What the task requires »
Exact copies of the lines below are the goal; any images in them are dropped.

= Beginning of Section =

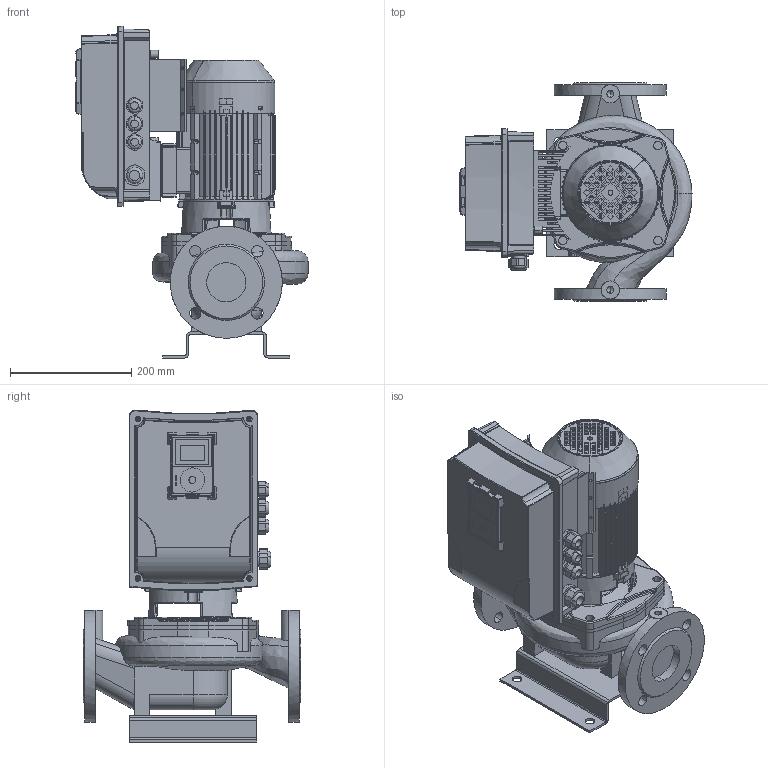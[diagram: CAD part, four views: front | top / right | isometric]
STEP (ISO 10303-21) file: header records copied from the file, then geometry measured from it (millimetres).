
FILE_DESCRIPTION(('STEP AP214'),'1');
FILE_NAME('export.stp','2018-06-01T13:14:36',(' '),(' '),'Spatial InterOp 3D',' ',' ');
FILE_SCHEMA(('AUTOMOTIVE_DESIGN { 1 0 10303 214 1 1 1 1 }'));
Length unit declared in the file: millimetre
Products named in the file (27): W_ALP10664; V_JALKA35973; V_PPAL10651066; V_TLL65AB80A1102; W_ALP10664900KPVS; 160022; 160003; V_MKP80-2-F19_VS; 480032; 480031___; 480034; 480033___; 160133; SOVITUSPALA; Vacon_MS2; G43699; Vacon20CP_MS2; MS2_bottom_final; P101407; MS2_cover_final; Vacon_Display; CAD-3D-VACON-M100-Display.sldasm; Vacon_display_pla; Vacon_display_scr; DIN_966-M5x10; M20_tiivisteholkk; M25_tiivisteholkk
Assembly tree (31 placements, depth 6):
  W_ALP10664900KPVS
    W_ALP10664
      V_JALKA35973
      V_PPAL10651066
      V_TLL65AB80A1102
    V_MKP80-2-F19_VS
      160022
        160003
      480032
        480031___
      480034
        480033___
      160133
      SOVITUSPALA
      Vacon_MS2
        G43699
        Vacon20CP_MS2
          MS2_bottom_final
          P101407
          MS2_cover_final
          Vacon_Display
            CAD-3D-VACON-M100-Display.sldasm
            Vacon_display_pla
            Vacon_display_scr
          DIN_966-M5x10  x4
          M20_tiivisteholkk  x3
          M25_tiivisteholkk
Bounding box: 383.31 x 360 x 548.3 mm (x, y, z)
Volume: 7930565.7 mm3; surface area: 1919591.6 mm2
Topology: 22 solids, 1495 shells, 5381 faces, 17976 edges, 14056 vertices
Faces by surface type: bspline 1899, plane 1408, cylinder 1257, torus 450, cone 264, sphere 103
Entity records: 250978 total; most frequent: CARTESIAN_POINT 106689, ORIENTED_EDGE 26996, DIRECTION 18226, EDGE_CURVE 17320, VERTEX_POINT 13738, B_SPLINE_CURVE_WITH_KNOTS 7902, AXIS2_PLACEMENT_3D 7007, EDGE_LOOP 5632

= End of Section =

Task answer »
[diagram: CAD part, four views: front | top / right | isometric]
STEP (ISO 10303-21) file: header records copied from the file, then geometry measured from it (millimetres).
FILE_DESCRIPTION(('STEP AP214'),'1');
FILE_NAME('export.stp','2018-06-01T13:14:36',(' '),(' '),'Spatial InterOp 3D',' ',' ');
FILE_SCHEMA(('AUTOMOTIVE_DESIGN { 1 0 10303 214 1 1 1 1 }'));
Length unit declared in the file: millimetre
Products named in the file (27): W_ALP10664; V_JALKA35973; V_PPAL10651066; V_TLL65AB80A1102; W_ALP10664900KPVS; 160022; 160003; V_MKP80-2-F19_VS; 480032; 480031___; 480034; 480033___; 160133; SOVITUSPALA; Vacon_MS2; G43699; Vacon20CP_MS2; MS2_bottom_final; P101407; MS2_cover_final; Vacon_Display; CAD-3D-VACON-M100-Display.sldasm; Vacon_display_pla; Vacon_display_scr; DIN_966-M5x10; M20_tiivisteholkk; M25_tiivisteholkk
Assembly tree (31 placements, depth 6):
  W_ALP10664900KPVS
    W_ALP10664
      V_JALKA35973
      V_PPAL10651066
      V_TLL65AB80A1102
    V_MKP80-2-F19_VS
      160022
        160003
      480032
        480031___
      480034
        480033___
      160133
      SOVITUSPALA
      Vacon_MS2
        G43699
        Vacon20CP_MS2
          MS2_bottom_final
          P101407
          MS2_cover_final
          Vacon_Display
            CAD-3D-VACON-M100-Display.sldasm
            Vacon_display_pla
            Vacon_display_scr
          DIN_966-M5x10  x4
          M20_tiivisteholkk  x3
          M25_tiivisteholkk
Bounding box: 383.31 x 360 x 548.3 mm (x, y, z)
Volume: 7930565.7 mm3; surface area: 1919591.6 mm2
Topology: 22 solids, 1495 shells, 5381 faces, 17976 edges, 14056 vertices
Faces by surface type: bspline 1899, plane 1408, cylinder 1257, torus 450, cone 264, sphere 103
Entity records: 250978 total; most frequent: CARTESIAN_POINT 106689, ORIENTED_EDGE 26996, DIRECTION 18226, EDGE_CURVE 17320, VERTEX_POINT 13738, B_SPLINE_CURVE_WITH_KNOTS 7902, AXIS2_PLACEMENT_3D 7007, EDGE_LOOP 5632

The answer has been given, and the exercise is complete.